Overall, these three monoclonal antibodies at the doses tested were no substitute for conventional ART in achieving potent and sustained control of HIV-1. Nevertheless, the combined results provide the first direct evidence that neutralizing antibodies can suppress HIV-1 in infected individuals. Moreover, they reinforce the widely held view that escape is readily achieved by the virus. In fact, escape might be achieved more rapidly than previously recognized.

It must also be kept in mind that these findings appear to be based on a single, rare monoclonal antibody that has an unusual specificity for sugar moieties. It remains to be seen whether other neutralizing antibodies, including true polyspecific antibody combinations, will have similar or greater effects, and if the magnitude of these effects will prove efficacious for vaccines that do not prevent the acquisition of HIV-1 infection. The outcome of the study by Trkola et al. offers hope that they will; however, antibody titers may need to be quite high.

In addition to the need for high titers, there can be little doubt that neutralizing antibodies will need to target a broad spectrum of viral variants to be effective for vaccination. The three broadly neutralizing human monoclonal antibodies studied here, plus a small number of additional human monoclonal antibodies with similar activity11, are good examples of the types of antibodies vaccines should aim to elicit. Paradoxically, these antibodies are rarely detected in HIV-1–infected individuals. Moreover, all attempts to elicit these antibodies with candidate vaccine immunogens have failed. Why these epitopes are such poor immunogens has long been a mystery. The recent discovery by Haynes et al.4 that 2F5 and 4E10 are autoreactive may begin to provide answers.

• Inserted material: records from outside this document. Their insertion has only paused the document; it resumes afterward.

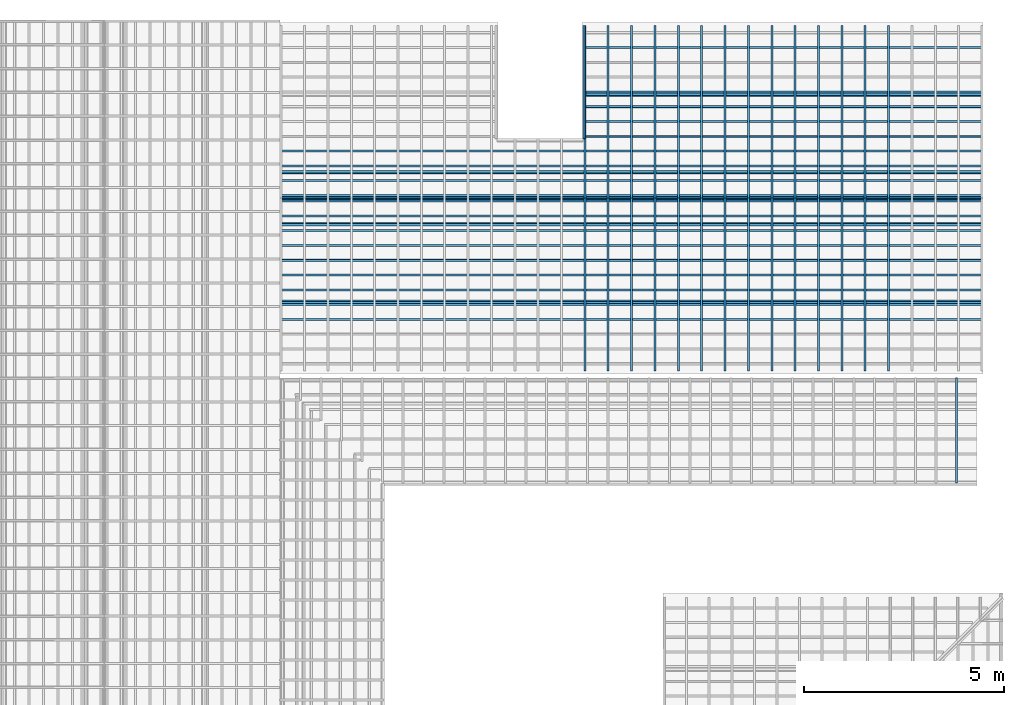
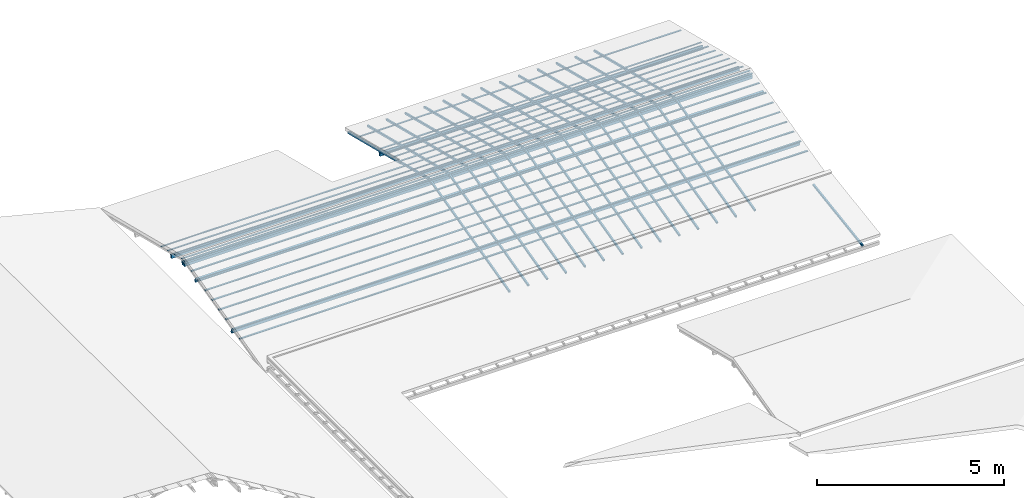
# One storey, part 7 of 10: 54 members, 4 elements without a shape of their own.
"""IFC2X3 building model written with IfcOpenShell, lengths in metres."""

from ifc_helpers import new_model, entity, si_unit, converted_unit, derived_unit, direction, frame, frame_2d, origin, origin_2d_with_axis, place, context, subcontext, project, spatial, rectangle, extrude, clip, halfspace, source, transform, mapped, material, type_object, type_shapes, element, aggregate, save


model = new_model("IFC2X3")

# Units and contexts
model_context = context("Model", 3, precision=1e-05, world=origin(), true_north=direction((6.12303176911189e-17, 1.0)))
body_context = subcontext(model_context, "Body", "Model", "MODEL_VIEW")
ifc_project = project(units=[si_unit("LENGTHUNIT", "METRE"), si_unit("AREAUNIT", "SQUARE_METRE"), si_unit("VOLUMEUNIT", "CUBIC_METRE"), converted_unit("PLANEANGLEUNIT", "DEGREE", entity("IfcRatioMeasure", 0.0174532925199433), si_unit("PLANEANGLEUNIT", "RADIAN"), dimensions=[0, 0, 0, 0, 0, 0, 0]), si_unit("MASSUNIT", "GRAM", prefix="KILO"), derived_unit("MASSDENSITYUNIT", [(si_unit("MASSUNIT", "GRAM", prefix="KILO"), 1), (si_unit("LENGTHUNIT", "METRE"), -3)]), si_unit("TIMEUNIT", "SECOND"), si_unit("FREQUENCYUNIT", "HERTZ"), si_unit("THERMODYNAMICTEMPERATUREUNIT", "DEGREE_CELSIUS"), derived_unit("THERMALTRANSMITTANCEUNIT", [(si_unit("MASSUNIT", "GRAM", prefix="KILO"), 1), (si_unit("THERMODYNAMICTEMPERATUREUNIT", "KELVIN"), -1), (si_unit("TIMEUNIT", "SECOND"), -3)]), derived_unit("VOLUMETRICFLOWRATEUNIT", [(si_unit("LENGTHUNIT", "METRE"), 3), (si_unit("TIMEUNIT", "SECOND"), -1)]), si_unit("ELECTRICCURRENTUNIT", "AMPERE"), si_unit("ELECTRICVOLTAGEUNIT", "VOLT"), si_unit("POWERUNIT", "WATT"), si_unit("FORCEUNIT", "NEWTON", prefix="KILO"), si_unit("ILLUMINANCEUNIT", "LUX"), si_unit("LUMINOUSFLUXUNIT", "LUMEN"), si_unit("LUMINOUSINTENSITYUNIT", "CANDELA"), derived_unit("USERDEFINED", [(si_unit("MASSUNIT", "GRAM", prefix="KILO"), -1), (si_unit("LENGTHUNIT", "METRE"), -2), (si_unit("TIMEUNIT", "SECOND"), 3), (si_unit("LUMINOUSFLUXUNIT", "LUMEN"), 1)]), derived_unit("LINEARVELOCITYUNIT", [(si_unit("LENGTHUNIT", "METRE"), 1), (si_unit("TIMEUNIT", "SECOND"), -1)]), si_unit("PRESSUREUNIT", "PASCAL"), derived_unit("USERDEFINED", [(si_unit("LENGTHUNIT", "METRE"), -2), (si_unit("MASSUNIT", "GRAM", prefix="KILO"), 1), (si_unit("TIMEUNIT", "SECOND"), -2)])], contexts=[model_context])

# Site, building, storey
site_placement = place(None, frame((26.9889013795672, -17.5624287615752, 0.0)))
site = spatial("IfcSite", under=ifc_project, at=site_placement, Name="Default", CompositionType="ELEMENT")
building_placement = place(site_placement, origin())
building = spatial("IfcBuilding", under=site, at=building_placement, Name="C. C. L. Monsenhor Antônio Sampaio", CompositionType="ELEMENT")
storey_placement = place(building_placement, frame((0.0, 0.0, 4.3)))
storey = spatial("IfcBuildingStorey", under=building, at=storey_placement, Name="COBERTURA BLOCO 01", CompositionType="ELEMENT", Elevation=4.3)

# Roof, member
curtain_wall_type_1 = type_object("IfcCurtainWallType", PredefinedType="NOTDEFINED")
roof_1_placement = place(storey_placement, frame((0.0, 0.0, -4.3)))
roof_1 = element("IfcRoof", 1, at=roof_1_placement, inside=storey, type_object=curtain_wall_type_1, ShapeType="NOTDEFINED")
ifc_material = material(Name=".Madeira")
member_type_1 = type_object("IfcMemberType", Name="6x5 cm", PredefinedType="MEMBER")
shared_shape_1 = source(origin(), body_context, "Body", "SweptSolid", [
    extrude(rectangle(XDim=0.06, YDim=0.05, at=origin_2d_with_axis()), frame((0.0, 0.05, -2.66464666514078), z_axis=(0.0, 0.0, 1.0), x_axis=(0.0, -1.0, 0.0)), (0.0, 0.0, 1.0), 2.66464666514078),
])
type_shapes(member_type_1, [shared_shape_1])
member_1_placement = place(storey_placement, frame((11.0670947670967, -16.9030663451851, 0.599737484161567), z_axis=(0.0, 0.988936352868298, 0.148340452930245), x_axis=(1.0, 0.0, 0.0)))
member_1 = element("IfcMember", 2, at=member_1_placement, type_object=member_type_1, material=ifc_material, Name="Rectangular Mullion:6x5 cm", ObjectType="6x5 cm", context=body_context, shape_type="MappedRepresentation", body=[
    mapped(shared_shape_1, transform((0.0, 0.0, 0.0), scale=1.0)),
])
aggregate(roof_1, [member_1])

# Roof, members
curtain_wall_type_2 = type_object("IfcCurtainWallType", PredefinedType="NOTDEFINED")
roof_2_placement = place(storey_placement, frame((0.0, 0.0, -4.3)))
roof_2 = element("IfcRoof", 3, at=roof_2_placement, inside=storey, type_object=curtain_wall_type_2, ShapeType="NOTDEFINED")
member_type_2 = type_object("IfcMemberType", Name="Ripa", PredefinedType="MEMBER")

Previous studies14,15 showed that 2F5 and 4E10 possess unusually long, hydrophobic third complementarity-determining regions (CDR3)—structures that are found primarily in early developing B cells and are typical of natural polyspecific autoantibodies. Haynes et al. screened a panel of 33 HIV-1 envelope–specific monoclonal antibodies for reactivity with a series of autoantigens, and found 2F5 and 4E10 had multiple reactivities, most notably with cardiolipin. Another broadly neutralizing monoclonal antibody, IgG1b12, reacted with double-stranded DNA and several nuclear proteins, whereas 2G12 was nonautoreactive.

These are provocative findings that shed light on yet another mechanism that may be used by HIV-1 to evade the host immune response: antigenic mimicry. The autoreactive nature of 2F5 and 4E10 also suggests ways of improving the immunogenicity of their cognate epitopes. Normally, autoreactive B-cell clones are either deleted or made tolerant early in development to prevent the production of potentially harmful, self-recognizing antibodies. New adjuvants and immunogens might be discovered that can circumvent these pathways and allow full maturation into high affinity antibody–producing plasma B cells. Consequences for safety will be a key issue; however, at least for 2G12, 2F5 and 4E10, no adverse side effects have been observed in humans3,16.

These two studies, although dealing with separate issues, converge at the intersection of immunogen design and vaccination goals. The findings promise to stimulate fresh new ideas in a field that has seen little success despite nearly two decades of intense effort to discover immunogens that elicit an effective neutralizing antibody response against HIV-1.